En la carretera de curvas entre Coamo y Aibonito hay 86 curvas. Si el número es incorrecto, la culpa se la echo a la memoria, ese lugar que es el menos confiable del cerebro. Pero de niña, recuerdo que solíamos tomar esa ruta para visitar parientes en Juana Díaz y Villalba o para ir un domingo a la Plaza de Ponce comer helados bajo aquel calor que convertía la experiencia en un evento de placer de marca mayor.
Prefería las curvas de la ruta Panorámica, entre Aibonito y Cayey. Me parecían más amables, mostraban paisaje, nubes que le hacían sombra a las montañas. En fin, la belleza siempre imponiéndose. Por eso, pasaba el rato en el carro asomada por la ventana contando las curvas. En los meses de verano, cuando ya nos acercábamos a Coamo, a veces se veían pedazos de montaña prendidos en fuego o ya chamuscados después de haberse incendiado. Bajábamos del Asomante fresco a ese otro aire tibio que nos anunciaba el camino al sur. En el camino conté 86 curvas y ese número se quedó conmigo. Ahora que lo escribo al fin, me parece exagerado, aunque después de lo vivido el pasado sábado 17 de mayo quizás me haya quedado corta.

La Procuradora de las Mujeres Astrid Piñero ofrece un
mensaje de apoyo a los corredores previo a la salida.
Conocí a Deborah Maldonado en persona cuando fui a recoger mi número y paquete para correr la carrera de diez kilómetros del Puente Teodoro Moscoso. Antes, habíamos hablado por teléfono gracias a un amigo en común que nos conectó luego de que escribiera una columna titulada Corre como nena, de cara al Medio maratón San Blás. La conexión fue inmediata. Hablamos poco, pero con intensidad, nos entendimos, no había mucho que explicar: ambas sabemos lo que pasa en la brea, lo que se transforma pisada a pisada. Nos abrazamos mientras ella seguía vendiendo camisetas, medias, gorras, contagiando a todo el que pasara frente a su mesa con su energía tan firme y potente. Habla con la conciencia de que la causa es urgente, porque lo es, pero también con la alegría de quien sabe que hay esperanza. Me comprometí a participar de uno los tramos de esta edición y ahí quedó el encuentro.

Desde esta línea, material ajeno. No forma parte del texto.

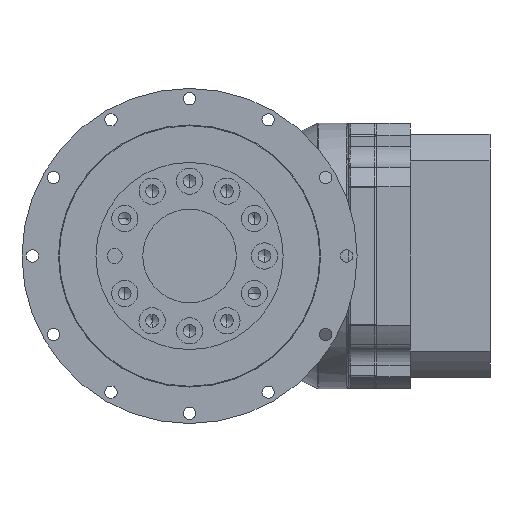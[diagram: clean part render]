
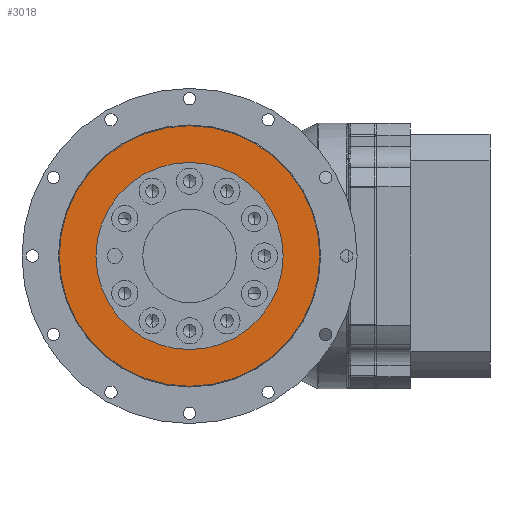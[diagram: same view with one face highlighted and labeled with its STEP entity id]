
A CAD part, left-side view. The second image highlights one B-rep face of the part: STEP entity #3018.
In plain terms, the highlighted planar face has unit normal (-1, 0, 0).
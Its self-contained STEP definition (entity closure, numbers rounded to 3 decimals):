
#166 = ORIENTED_EDGE ( 'NONE', *, *, #6443, .F. ) ;
#683 = VERTEX_POINT ( 'NONE', #15044 ) ;
#1678 = CARTESIAN_POINT ( 'NONE',  ( -63., 0., -69.6 ) ) ;
#1713 = VERTEX_POINT ( 'NONE', #6163 ) ;
#1791 = AXIS2_PLACEMENT_3D ( 'NONE', #10668, #10662, #10645 ) ;
#1879 = AXIS2_PLACEMENT_3D ( 'NONE', #5227, #5210, #5189 ) ;
#2290 = FACE_OUTER_BOUND ( 'NONE', #10447, .T. ) ;
#2836 = EDGE_CURVE ( 'NONE', #6868, #1713, #7992, .T. ) ;
#2942 = EDGE_CURVE ( 'NONE', #16957, #683, #14376, .T. ) ;
#3018 = ADVANCED_FACE ( 'NONE', ( #14089, #2290 ), #10041, .T. ) ;
#4067 = AXIS2_PLACEMENT_3D ( 'NONE', #11645, #11631, #11610 ) ;
#4573 = EDGE_LOOP ( 'NONE', ( #6976, #12846 ) ) ;
#5024 = DIRECTION ( 'NONE',  ( 0., 0., -1. ) ) ;
#5040 = DIRECTION ( 'NONE',  ( 1., 0., 0. ) ) ;
#5063 = CARTESIAN_POINT ( 'NONE',  ( -63., 0., 0. ) ) ;
#5189 = DIRECTION ( 'NONE',  ( 0., 0., -1. ) ) ;
#5210 = DIRECTION ( 'NONE',  ( 1., 0., 0. ) ) ;
#5227 = CARTESIAN_POINT ( 'NONE',  ( -63., 0., 0. ) ) ;
#6163 = CARTESIAN_POINT ( 'NONE',  ( -63., 0., 69.6 ) ) ;
#6435 = EDGE_CURVE ( 'NONE', #683, #16957, #17968, .T. ) ;
#6443 = EDGE_CURVE ( 'NONE', #1713, #6868, #12950, .T. ) ;
#6868 = VERTEX_POINT ( 'NONE', #1678 ) ;
#6976 = ORIENTED_EDGE ( 'NONE', *, *, #2942, .T. ) ;
#7992 = CIRCLE ( 'NONE', #4067, 69.6 ) ;
#9890 = DIRECTION ( 'NONE',  ( 0., 0., 1. ) ) ;
#9892 = DIRECTION ( 'NONE',  ( -1., 0., 0. ) ) ;
#10023 = CARTESIAN_POINT ( 'NONE',  ( -63., 69.6, 0. ) ) ;
#10041 = PLANE ( 'NONE',  #10306 ) ;
#10306 = AXIS2_PLACEMENT_3D ( 'NONE', #10023, #9892, #9890 ) ;
#10447 = EDGE_LOOP ( 'NONE', ( #13539, #166 ) ) ;
#10645 = DIRECTION ( 'NONE',  ( 0., 0., -1. ) ) ;
#10662 = DIRECTION ( 'NONE',  ( 1., 0., 0. ) ) ;
#10668 = CARTESIAN_POINT ( 'NONE',  ( -63., 0., 0. ) ) ;
#11610 = DIRECTION ( 'NONE',  ( 0., 0., -1. ) ) ;
#11631 = DIRECTION ( 'NONE',  ( 1., 0., 0. ) ) ;
#11645 = CARTESIAN_POINT ( 'NONE',  ( -63., 0., 0. ) ) ;
#12515 = AXIS2_PLACEMENT_3D ( 'NONE', #5063, #5040, #5024 ) ;
#12846 = ORIENTED_EDGE ( 'NONE', *, *, #6435, .T. ) ;
#12950 = CIRCLE ( 'NONE', #12515, 69.6 ) ;
#12980 = CARTESIAN_POINT ( 'NONE',  ( -63., 0., -50. ) ) ;
#13539 = ORIENTED_EDGE ( 'NONE', *, *, #2836, .F. ) ;
#14089 = FACE_BOUND ( 'NONE', #4573, .T. ) ;
#14376 = CIRCLE ( 'NONE', #1791, 50. ) ;
#15044 = CARTESIAN_POINT ( 'NONE',  ( -63., 0., 50. ) ) ;
#16957 = VERTEX_POINT ( 'NONE', #12980 ) ;
#17968 = CIRCLE ( 'NONE', #1879, 50. ) ;
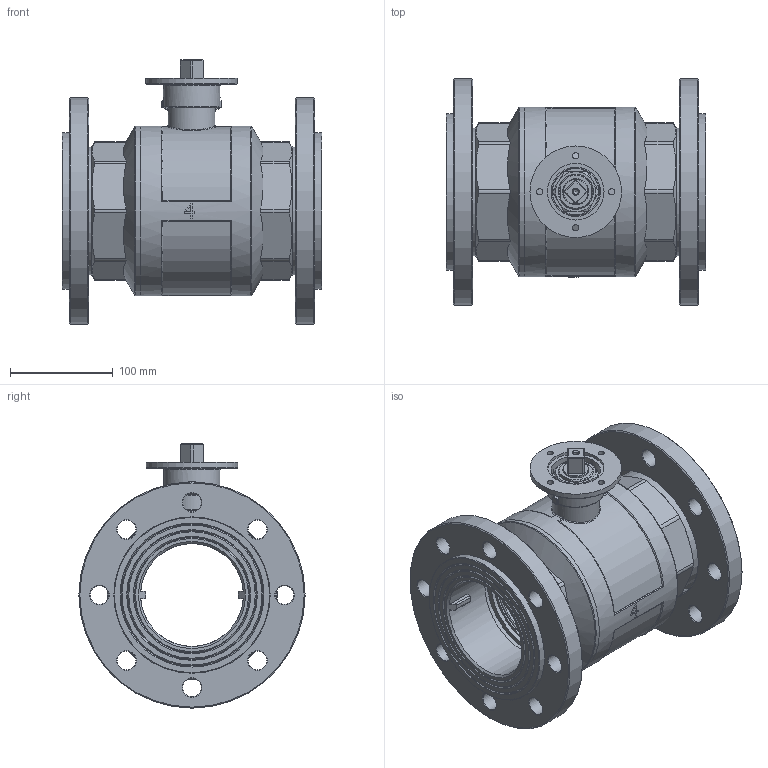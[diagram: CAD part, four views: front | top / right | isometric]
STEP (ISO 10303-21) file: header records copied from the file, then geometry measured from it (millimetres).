
FILE_DESCRIPTION(/* description */ ('Corpo femmina Rastelli 004'),/* implementation_level */ '2;1');
FILE_NAME(/* name */ '\\dcidrosfer01\user$\ut4\Desktop\TICOM 14-11-2014\95 PM ISO E DN 100.stp',/* time_stamp */ '2014-11-14T11:45:38+01:00',/* author */ ('ut4'),/* organization */ (''),/* preprocessor_version */ 'ST-DEVELOPER v15.6',/* originating_system */ 'Autodesk Inventor 2015',/* authorisation */ '');
FILE_SCHEMA (('AUTOMOTIVE_DESIGN { 1 0 10303 214 3 1 1 }'));
Length unit declared in the file: millimetre
Products named in the file (16): Corpo femmina Rastelli 004; Manicotto femmina Rastelli 004; Sede 004 mot.; O-ring 117.07 x 3.53; sfera Rastelli 004; Perno mot. ISO 37 q17; O-ring 18.72 x 2.62; Ghiera ferma asta mot. 40; O-ring 32.99 x 2.62; Dado bloccaggio piastra 46x8; Anello antigrip. Rastelli perno mot. ISO 37; Dischetto portamotore  SM 47 x 39 lavorato; Flangia PN16 DN100; Bocchettone DN100; O-ring 112 x 2.5; Valvola a sfera mot. 004 art.95 PM ISO F05 Q14
Assembly tree (22 placements, depth 2):
  Valvola a sfera mot. 004 art.95 PM ISO F05 Q14
    Corpo femmina Rastelli 004
    Manicotto femmina Rastelli 004
    Sede 004 mot.  x2
    O-ring 117.07 x 3.53  x2
    sfera Rastelli 004
    Perno mot. ISO 37 q17
    O-ring 18.72 x 2.62  x2
    Ghiera ferma asta mot. 40
    O-ring 32.99 x 2.62
    Dado bloccaggio piastra 46x8
    Anello antigrip. Rastelli perno mot. ISO 37  x2
    Dischetto portamotore  SM 47 x 39 lavorato
    Flangia PN16 DN100  x2
    Bocchettone DN100  x2
    O-ring 112 x 2.5  x2
Bounding box: 252.5 x 220 x 257 mm (x, y, z)
Volume: 2917255.7 mm3; surface area: 696674.7 mm2
Topology: 22 solids, 22 shells, 515 faces, 1184 edges, 726 vertices
Faces by surface type: cylinder 169, plane 168, cone 104, torus 35, bspline 30, sphere 9
Full cylindrical faces by diameter (mm): 4.917 x1, 6.2 x4, 18 x16, 21 x2, 25 x3, 25.3 x1, 31 x1, 31.8 x1, 32 x1, 32.3 x2, 32.5 x1, 34 x2, 34.4 x1, 37.5 x3, 38 x2, 38.5 x1, 40 x1, 46 x2, 47.5 x1, 48 x1, 55 x2, 89 x1, 100 x7, 110.5 x2, 113 x2, 117 x4, 124 x6, 130 x1, 132 x1, 134 x2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
Entity records: 13240 total; most frequent: CARTESIAN_POINT 3861, DIRECTION 1848, ORIENTED_EDGE 1640, EDGE_CURVE 820, AXIS2_PLACEMENT_3D 807, EDGE_LOOP 644, VERTEX_POINT 580, FACE_OUTER_BOUND 430
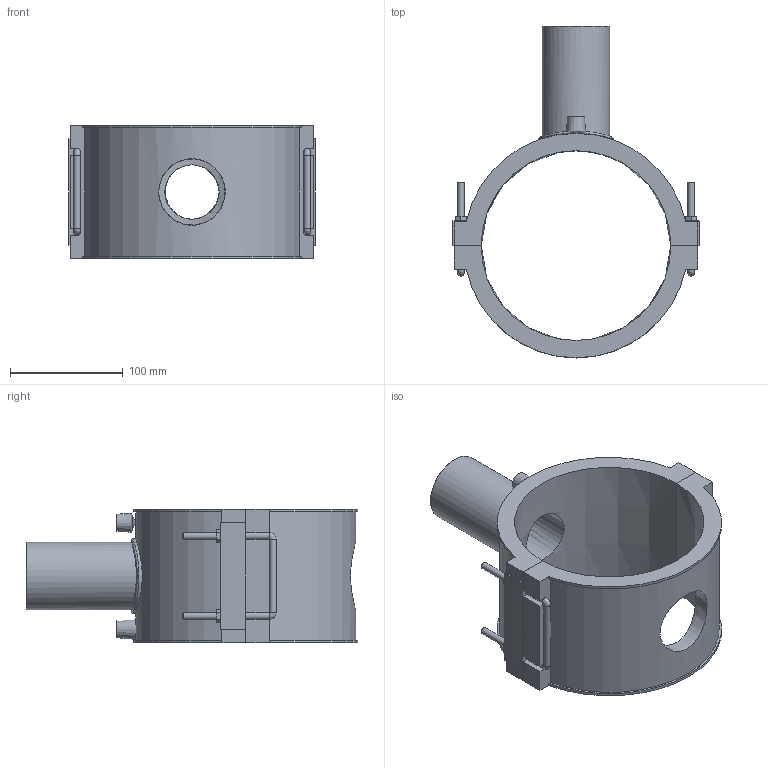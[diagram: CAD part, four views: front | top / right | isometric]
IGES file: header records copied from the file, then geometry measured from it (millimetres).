
Global section: file name: 5958BB03060020.ipt; native system: Autodesk Inventor 2019; preprocessor: unknown; author: KIM; date: 20210830.101258; units: inch
Bounding box: 217.9 x 293.9 x 118.11 mm (x, y, z)
Volume: 1082729.5 mm3; surface area: 212203 mm2
Topology: 2 solids, 2 shells, 133 faces, 340 edges, 214 vertices
Faces by surface type: plane 85, cylinder 22, revolution 10, bspline 9, cone 7
Full cylindrical faces by diameter (mm): 4 x2, 6 x10, 60.1 x1, 66.11 x1
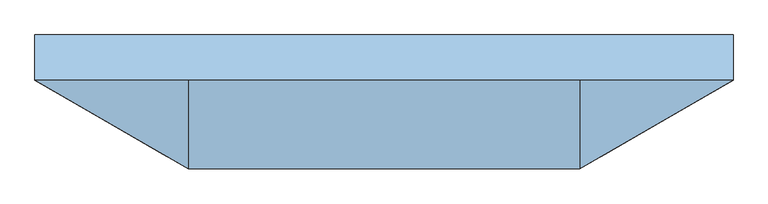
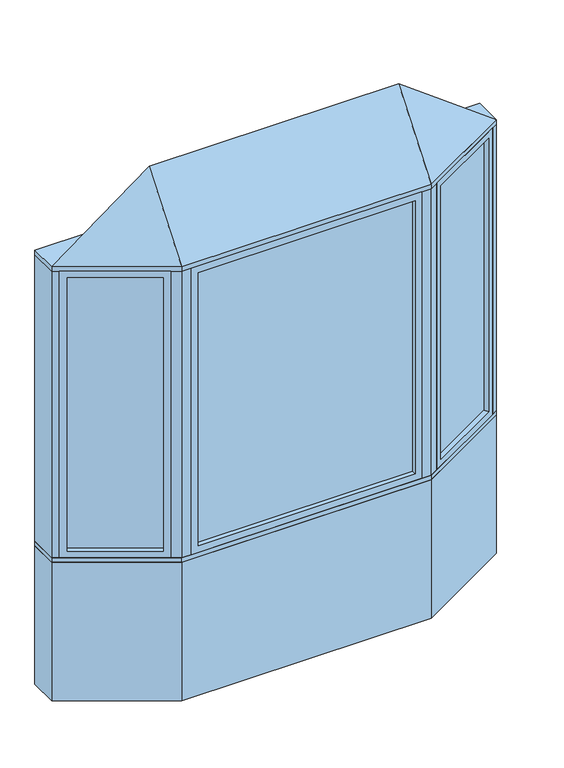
"""IFC4 building model written with IfcOpenShell, lengths in millimetres: window geometry, Pollard_Windows_Tudor Casement Bows and Bays : AML-BAY 30 AFR0616-12-500."""

from ifc_helpers import new_model, si_unit, frame, origin, origin_with_axes, place, context, project, spatial, polyline, outline, extrude, faceted_brep, source, transform, mapped, element, save


def window_90b13a35(model_context):
    return source(origin(), model_context, "Body", "SolidModel", [
        extrude(outline(polyline([(1113.112102, -82.0482469), (710.2320119, -314.6511754), (707.6920119, -310.2517664), (1110.572102, -77.6488379), (1113.112102, -82.0482469)])), frame((0.0, 0.0, 823.1628), z_axis=(0.0, 0.0, 1.0), x_axis=(1.0, 0.0, 0.0)), (0.0, 0.0, 1.0), 1553.6704),
        faceted_brep([(1102.1135794, -88.3982469, 835.8628), (1114.8135794, -110.3952922, 835.8628), (1114.8135794, -110.3952922, 2364.1332), (1102.1135794, -88.3982469, 2364.1332), (1110.572102, -77.6488379, 823.1628), (1113.112102, -82.0482469, 823.1628), (1113.112102, -82.0482469, 2376.8332), (1110.572102, -77.6488379, 2376.8332), (1086.8735794, -62.0017926, 835.8628), (1099.5735794, -83.9988379, 835.8628), (1099.5735794, -83.9988379, 2364.1332), (1086.8735794, -62.0017926, 2364.1332), (1145.8734073, -92.4628922, 799.998), (1117.9334073, -44.0693926, 799.998), (1117.9334073, -44.0693926, 2399.998), (1145.8734073, -92.4628922, 2399.998), (733.9305346, -330.2982207, 2364.1332), (721.2305346, -308.3011754, 2364.1332), (710.2320119, -314.6511754, 2376.8332), (707.6920119, -310.2517664, 2376.8332), (718.6905346, -303.9017664, 2364.1332), (705.9905346, -281.9047211, 2364.1332), (674.9307067, -299.8371211, 2399.998), (702.8707067, -348.2306207, 2399.998), (733.9305346, -330.2982207, 835.8628), (721.2305346, -308.3011754, 835.8628), (710.2320119, -314.6511754, 823.1628), (707.6920119, -310.2517664, 823.1628), (718.6905346, -303.9017664, 835.8628), (705.9905346, -281.9047211, 835.8628), (674.9307067, -299.8371211, 799.998), (702.8707067, -348.2306207, 799.998)], [[[0, 1, 2, 3]], [[4, 5, 6, 7]], [[8, 9, 10, 11]], [[12, 13, 14, 15]], [[3, 2, 16, 17]], [[7, 6, 18, 19]], [[11, 10, 20, 21]], [[15, 14, 22, 23]], [[17, 16, 24, 25]], [[19, 18, 26, 27]], [[21, 20, 28, 29]], [[23, 22, 30, 31]], [[25, 24, 1, 0]], [[5, 26, 18, 6], [3, 17, 25, 0]], [[27, 26, 5, 4]], [[7, 19, 27, 4], [9, 28, 20, 10]], [[29, 28, 9, 8]], [[13, 30, 22, 14], [11, 21, 29, 8]], [[31, 30, 13, 12]], [[15, 23, 31, 12], [1, 24, 16, 2]]]),
        extrude(outline(polyline([(-710.2320119, -314.6511754), (-1113.112102, -82.0482469), (-1110.572102, -77.6488379), (-707.6920119, -310.2517664), (-710.2320119, -314.6511754)])), frame((0.0, 0.0, 823.1628), z_axis=(0.0, 0.0, 1.0), x_axis=(1.0, 0.0, 0.0)), (0.0, 0.0, 1.0), 1553.6704),
        faceted_brep([(-718.6905346, -303.9017664, 2364.1332), (-705.9905346, -281.9047211, 2364.1332), (-705.9905346, -281.9047211, 835.8628), (-718.6905346, -303.9017664, 835.8628), (-710.2320119, -314.6511754, 2376.8332), (-707.6920119, -310.2517664, 2376.8332), (-707.6920119, -310.2517664, 823.1628), (-710.2320119, -314.6511754, 823.1628), (-733.9305346, -330.2982207, 2364.1332), (-721.2305346, -308.3011754, 2364.1332), (-721.2305346, -308.3011754, 835.8628), (-733.9305346, -330.2982207, 835.8628), (-674.9307067, -299.8371211, 2399.998), (-702.8707067, -348.2306207, 2399.998), (-702.8707067, -348.2306207, 799.998), (-674.9307067, -299.8371211, 799.998), (-1086.8735794, -62.0017926, 835.8628), (-1099.5735794, -83.9988379, 835.8628), (-1110.572102, -77.6488379, 823.1628), (-1113.112102, -82.0482469, 823.1628), (-1102.1135794, -88.3982469, 835.8628), (-1114.8135794, -110.3952922, 835.8628), (-1145.8734073, -92.4628922, 799.998), (-1117.9334073, -44.0693926, 799.998), (-1086.8735794, -62.0017926, 2364.1332), (-1099.5735794, -83.9988379, 2364.1332), (-1110.572102, -77.6488379, 2376.8332), (-1113.112102, -82.0482469, 2376.8332), (-1102.1135794, -88.3982469, 2364.1332), (-1114.8135794, -110.3952922, 2364.1332), (-1145.8734073, -92.4628922, 2399.998), (-1117.9334073, -44.0693926, 2399.998)], [[[0, 1, 2, 3]], [[4, 5, 6, 7]], [[8, 9, 10, 11]], [[12, 13, 14, 15]], [[3, 2, 16, 17]], [[7, 6, 18, 19]], [[11, 10, 20, 21]], [[15, 14, 22, 23]], [[17, 16, 24, 25]], [[19, 18, 26, 27]], [[21, 20, 28, 29]], [[23, 22, 30, 31]], [[15, 23, 31, 12], [1, 24, 16, 2]], [[25, 24, 1, 0]], [[5, 26, 18, 6], [3, 17, 25, 0]], [[27, 26, 5, 4]], [[7, 19, 27, 4], [9, 28, 20, 10]], [[29, 28, 9, 8]], [[13, 30, 22, 14], [11, 21, 29, 8]], [[31, 30, 13, 12]]]),
        extrude(outline(polyline([(586.4046365, -347.8306207), (-586.4046365, -347.8306207), (-586.4046365, -342.7506207), (586.4046365, -342.7506207), (586.4046365, -347.8306207)])), frame((0.0, 0.0, 823.1628), z_axis=(0.0, 0.0, 1.0), x_axis=(1.0, 0.0, 0.0)), (0.0, 0.0, 1.0), 1553.6704),
        faceted_brep([(573.7046365, -347.8306207, 835.8628), (573.7046365, -373.2306207, 835.8628), (573.7046365, -373.2306207, 2364.1332), (573.7046365, -347.8306207, 2364.1332), (586.4046365, -342.7506207, 823.1628), (586.4046365, -347.8306207, 823.1628), (586.4046365, -347.8306207, 2376.8332), (586.4046365, -342.7506207, 2376.8332), (573.7046365, -317.3506207, 835.8628), (573.7046365, -342.7506207, 835.8628), (573.7046365, -342.7506207, 2364.1332), (573.7046365, -317.3506207, 2364.1332), (609.5694365, -373.2306207, 799.998), (609.5694365, -317.3506207, 799.998), (609.5694365, -317.3506207, 2399.998), (609.5694365, -373.2306207, 2399.998), (-573.7046365, -373.2306207, 2364.1332), (-573.7046365, -347.8306207, 2364.1332), (-586.4046365, -347.8306207, 2376.8332), (-586.4046365, -342.7506207, 2376.8332), (-573.7046365, -342.7506207, 2364.1332), (-573.7046365, -317.3506207, 2364.1332), (-609.5694365, -317.3506207, 2399.998), (-609.5694365, -373.2306207, 2399.998), (-573.7046365, -373.2306207, 835.8628), (-573.7046365, -347.8306207, 835.8628), (-586.4046365, -347.8306207, 823.1628), (-586.4046365, -342.7506207, 823.1628), (-573.7046365, -342.7506207, 835.8628), (-573.7046365, -317.3506207, 835.8628), (-609.5694365, -317.3506207, 799.998), (-609.5694365, -373.2306207, 799.998)], [[[0, 1, 2, 3]], [[4, 5, 6, 7]], [[8, 9, 10, 11]], [[12, 13, 14, 15]], [[3, 2, 16, 17]], [[7, 6, 18, 19]], [[11, 10, 20, 21]], [[15, 14, 22, 23]], [[17, 16, 24, 25]], [[19, 18, 26, 27]], [[21, 20, 28, 29]], [[23, 22, 30, 31]], [[15, 23, 31, 12], [1, 24, 16, 2]], [[25, 24, 1, 0]], [[5, 26, 18, 6], [3, 17, 25, 0]], [[27, 26, 5, 4]], [[7, 19, 27, 4], [9, 28, 20, 10]], [[29, 28, 9, 8]], [[13, 30, 22, 14], [11, 21, 29, 8]], [[31, 30, 13, 12]]]),
        faceted_brep([(1176.5, -74.7806207, 2425.398), (659.5694365, -373.2306207, 2425.398), (-659.5694365, -373.2306207, 2425.398), (-1176.5, -74.7806207, 2425.398), (-659.5694365, -74.7806207, 2806.398), (659.5694365, -74.7806207, 2806.398)], [[[0, 1, 2, 3]], [[3, 2, 4]], [[2, 1, 5, 4]], [[1, 0, 5]], [[0, 3, 4, 5]]]),
        extrude(outline(polyline([(-1176.5, 77.6193793), (1176.5, 77.6193793), (1176.5, -74.7806207), (659.5694365, -373.2306207), (-659.5694365, -373.2306207), (-1176.5, -74.7806207), (-1176.5, 77.6193793)])), frame((0.0, 0.0, 2399.998), z_axis=(0.0, 0.0, 1.0), x_axis=(1.0, 0.0, 0.0)), (0.0, 0.0, 1.0), 25.4),
        extrude(outline(polyline([(-1176.5, -74.7806207), (-1176.5, 77.6193793), (-1135.6645431, 77.6193793), (-1135.6645431, -74.7806207), (-1145.8734073, -92.4628922), (-1176.5, -74.7806207)])), frame((0.0, 0.0, 799.998), z_axis=(0.0, 0.0, 1.0), x_axis=(1.0, 0.0, 0.0)), (0.0, 0.0, 1.0), 1600.0),
        extrude(outline(polyline([(1176.5, 77.6193793), (1176.5, -74.7806207), (1145.8734073, -92.4628922), (1135.6645431, -74.7806207), (1135.6645431, 77.6193793), (1176.5, 77.6193793)])), frame((0.0, 0.0, 799.998), z_axis=(0.0, 0.0, 1.0), x_axis=(1.0, 0.0, 0.0)), (0.0, 0.0, 1.0), 1600.0),
        extrude(outline(polyline([(659.5694365, -373.2306207), (609.5694365, -373.2306207), (609.5694365, -323.2306207), (646.1719769, -323.2306207), (677.8707067, -304.9293505), (702.8707067, -348.2306207), (659.5694365, -373.2306207)])), frame((0.0, 0.0, 799.998), z_axis=(0.0, 0.0, 1.0), x_axis=(1.0, 0.0, 0.0)), (0.0, 0.0, 1.0), 1600.0),
        extrude(outline(polyline([(-659.5694365, -373.2306207), (-702.8707067, -348.2306207), (-677.8707067, -304.9293505), (-646.1719769, -323.2306207), (-609.5694365, -323.2306207), (-609.5694365, -373.2306207), (-659.5694365, -373.2306207)])), frame((0.0, 0.0, 799.998), z_axis=(0.0, 0.0, 1.0), x_axis=(1.0, 0.0, 0.0)), (0.0, 0.0, 1.0), 1600.0),
        extrude(outline(polyline([(-659.5694365, -373.2306207), (-1176.5, -74.7806207), (-1176.5, 77.6193793), (-1135.6645431, 77.6193793), (-618.7339796, -220.8306207), (618.7339796, -220.8306207), (1135.6645431, 77.6193793), (1176.5, 77.6193793), (1176.5, -74.7806207), (659.5694365, -373.2306207), (-659.5694365, -373.2306207)])), frame((0.0, 0.0, 774.598), z_axis=(0.0, 0.0, 1.0), x_axis=(1.0, 0.0, 0.0)), (0.0, 0.0, 1.0), 25.4),
        extrude(outline(polyline([(-1176.5, -74.7806207), (-1176.5, 77.6193793), (-1135.6645431, 77.6193793), (-618.7339796, -220.8306207), (618.7339796, -220.8306207), (1135.6645431, 77.6193793), (1176.5, 77.6193793), (1176.5, -74.7806207), (659.5694365, -373.2306207), (-659.5694365, -373.2306207), (-1176.5, -74.7806207)])), origin_with_axes(), (0.0, 0.0, 1.0), 774.598),
    ])


if __name__ == "__main__":
    model = new_model("IFC4")
    model_context = context("Model", 3, world=origin())
    ifc_project = project(units=[si_unit("LENGTHUNIT", "METRE", prefix="MILLI")], contexts=[model_context])
    site = spatial("IfcSite", under=ifc_project)
    building = spatial("IfcBuilding", under=site)
    placement = place(None, origin())
    window_shape = window_90b13a35(model_context)
    element("IfcWindow", 1, ObjectType="Pollard_Windows_Tudor Casement Bows and Bays : AML-BAY 30 AFR0616-12-500", at=placement, inside=building, context=model_context, shape_type="MappedRepresentation", body=[
        mapped(window_shape, transform((0.0, 0.0, 0.0), x_axis=(1.0, 0.0, 0.0), y_axis=(0.0, 1.0, 0.0), z_axis=(0.0, 0.0, 1.0))),
    ])
    save(model, "model.ifc")

El día llegó. Decidí hacer el tramo 35 pues sería todo en Aibonito, donde nací y crecí. El tramo saldría de la Finca Happy Bee (Km 42.7) en dirección a Coamo y culminaría en la Plaza Pública Segundo Ruíz Belvis del pueblo. La atleta Tamara Pérez Hernández es la embajadora y lideraría el grupo a través del recorrido de 4.7 millas. Llegué allí a la hora indicada, había un leve retraso, pero ya se sentía el entusiasmo de lo que sucedería. Es el campo, hacía frío, alivio para el sudor que vendría después.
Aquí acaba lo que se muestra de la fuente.